When I took mine (EIT) it has pencil (one expensive pencil)...does the new format still give out pencil? lol


----------



## matt267 PE (May 29, 2014)

I don't think it does. I think you get a small dry erase board with pen.


----------



## Real_McCoy (May 29, 2014)

&gt;http://www.youtube.com/watch?v=3-n1Zzh0NnM&amp;index=4&amp;list=PLiZ0hjHNi9jzR8RW69ndkjIgH8bzj0ew-

Watch the video from the NCEES Youtube page.


----------



## iwire (May 29, 2014)

this is not good for the future people won't get that expensive pencil


----------



## matt267 PE (May 29, 2014)

iwire said:


> this is not good for the future people won't get that expensive pencil


I took the paper FE in Oct 2013 and they collected the pencils.

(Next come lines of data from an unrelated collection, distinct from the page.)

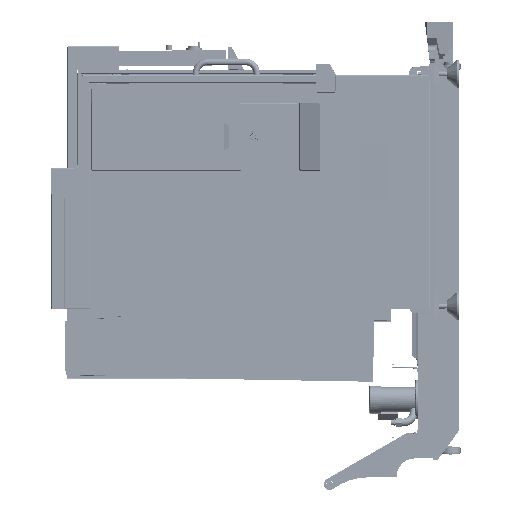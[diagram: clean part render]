
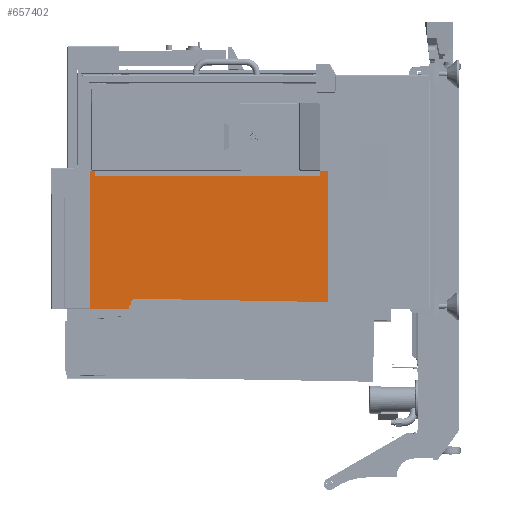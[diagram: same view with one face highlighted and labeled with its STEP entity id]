
A CAD part, left-side view. The second image highlights one B-rep face of the part: STEP entity #657402.
In plain terms, the highlighted planar face has unit normal (-1, 0, 0).
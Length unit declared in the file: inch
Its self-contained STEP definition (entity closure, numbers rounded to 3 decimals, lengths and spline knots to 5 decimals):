
#5963 = PLANE ( 'NONE',  #382846 ) ;
#34864 = CARTESIAN_POINT ( 'NONE',  ( -29.06938, 31.66361, -33.325 ) ) ;
#41772 = DIRECTION ( 'NONE',  ( 0., 0., 1. ) ) ;
#52631 = EDGE_CURVE ( 'NONE', #1146242, #466121, #618190, .T. ) ;
#82754 = FACE_OUTER_BOUND ( 'NONE', #857177, .T. ) ;
#129715 = LINE ( 'NONE', #499925, #998187 ) ;
#207920 = ORIENTED_EDGE ( 'NONE', *, *, #724697, .F. ) ;
#224893 = ORIENTED_EDGE ( 'NONE', *, *, #550959, .T. ) ;
#382846 = AXIS2_PLACEMENT_3D ( 'NONE', #971365, #547166, #453080 ) ;
#383694 = CARTESIAN_POINT ( 'NONE',  ( -29.06938, 31.66361, -33.325 ) ) ;
#453080 = DIRECTION ( 'NONE',  ( 0., 1., 0. ) ) ;
#466121 = VERTEX_POINT ( 'NONE', #936855 ) ;
#499925 = CARTESIAN_POINT ( 'NONE',  ( -29.06938, 31.66361, -6.575 ) ) ;
#547166 = DIRECTION ( 'NONE',  ( -1., 0., 0. ) ) ;
#550959 = EDGE_CURVE ( 'NONE', #1162510, #1146242, #819709, .T. ) ;
#618190 = LINE ( 'NONE', #1065414, #730740 ) ;
#657402 = ADVANCED_FACE ( 'NONE', ( #82754 ), #5963, .T. ) ;
#672683 = ORIENTED_EDGE ( 'NONE', *, *, #1102105, .F. ) ;
#724697 = EDGE_CURVE ( 'NONE', #1070593, #466121, #129715, .T. ) ;
#729820 = DIRECTION ( 'NONE',  ( 0., 0., 1. ) ) ;
#730740 = VECTOR ( 'NONE', #729820, 39.37008 ) ;
#759716 = LINE ( 'NONE', #1112817, #820685 ) ;
#819709 = LINE ( 'NONE', #383694, #975978 ) ;
#820685 = VECTOR ( 'NONE', #41772, 39.37008 ) ;
#831342 = DIRECTION ( 'NONE',  ( 0., -1., 0. ) ) ;
#857177 = EDGE_LOOP ( 'NONE', ( #207920, #672683, #224893, #875782 ) ) ;
#875782 = ORIENTED_EDGE ( 'NONE', *, *, #52631, .T. ) ;
#936855 = CARTESIAN_POINT ( 'NONE',  ( -29.06938, -14.41639, -6.575 ) ) ;
#943315 = CARTESIAN_POINT ( 'NONE',  ( -29.06938, -14.41639, -33.325 ) ) ;
#947328 = DIRECTION ( 'NONE',  ( 0., -1., 0. ) ) ;
#971365 = CARTESIAN_POINT ( 'NONE',  ( -29.06938, 31.66361, -33.325 ) ) ;
#975978 = VECTOR ( 'NONE', #831342, 39.37008 ) ;
#998187 = VECTOR ( 'NONE', #947328, 39.37008 ) ;
#998660 = CARTESIAN_POINT ( 'NONE',  ( -29.06938, 31.66361, -6.575 ) ) ;
#1065414 = CARTESIAN_POINT ( 'NONE',  ( -29.06938, -14.41639, -33.325 ) ) ;
#1070593 = VERTEX_POINT ( 'NONE', #998660 ) ;
#1102105 = EDGE_CURVE ( 'NONE', #1162510, #1070593, #759716, .T. ) ;
#1112817 = CARTESIAN_POINT ( 'NONE',  ( -29.06938, 31.66361, -33.325 ) ) ;
#1146242 = VERTEX_POINT ( 'NONE', #943315 ) ;
#1162510 = VERTEX_POINT ( 'NONE', #34864 ) ;

I was too scared to steal it.


----------



## iwire (May 29, 2014)

matt267 said:


> iwire said:
> 
> 
> > this is not good for the future people won't get that expensive pencil
> ...


You should...why not ..you paid for it


----------



## matt267 PE (May 29, 2014)

iwire said:


> matt267 said:
> 
> 
> > iwire said:
> ...


I was just happy the day was done


----------



## iwire (May 30, 2014)

matt267 said:


> iwire said:
> 
> 
> > matt267 said:
> ...


Ya...i know that feeling when I took mine.., this Computer based crap take away the most sacred thing in the whole PE/EIT tests..the pencil! ...what you going to do like him 

ptatohed Certs


----------



## matt267 PE (May 30, 2014)

iwire, you planning on framing your pencil and certificate?


----------



## iwire (May 30, 2014)

matt267 said:


> iwire, you planning on framing your pencil and certificate?


hahha hell ya...when I received the PE cert..but I don't think will received mine till like Sep...Maryland


----------



## matt267 PE (May 30, 2014)

Nice.

Post pics when you're done.


----------



## iwire (Jun 1, 2014)

matt267 said:


> Nice.
> 
> Post pics when you're done.


definitely but I won't get my cert till like Sep when they invite newly PE passer to the PE event to recruit them to join the society


----------



## matt267 PE (Jun 1, 2014)

And congrats on passing!


----------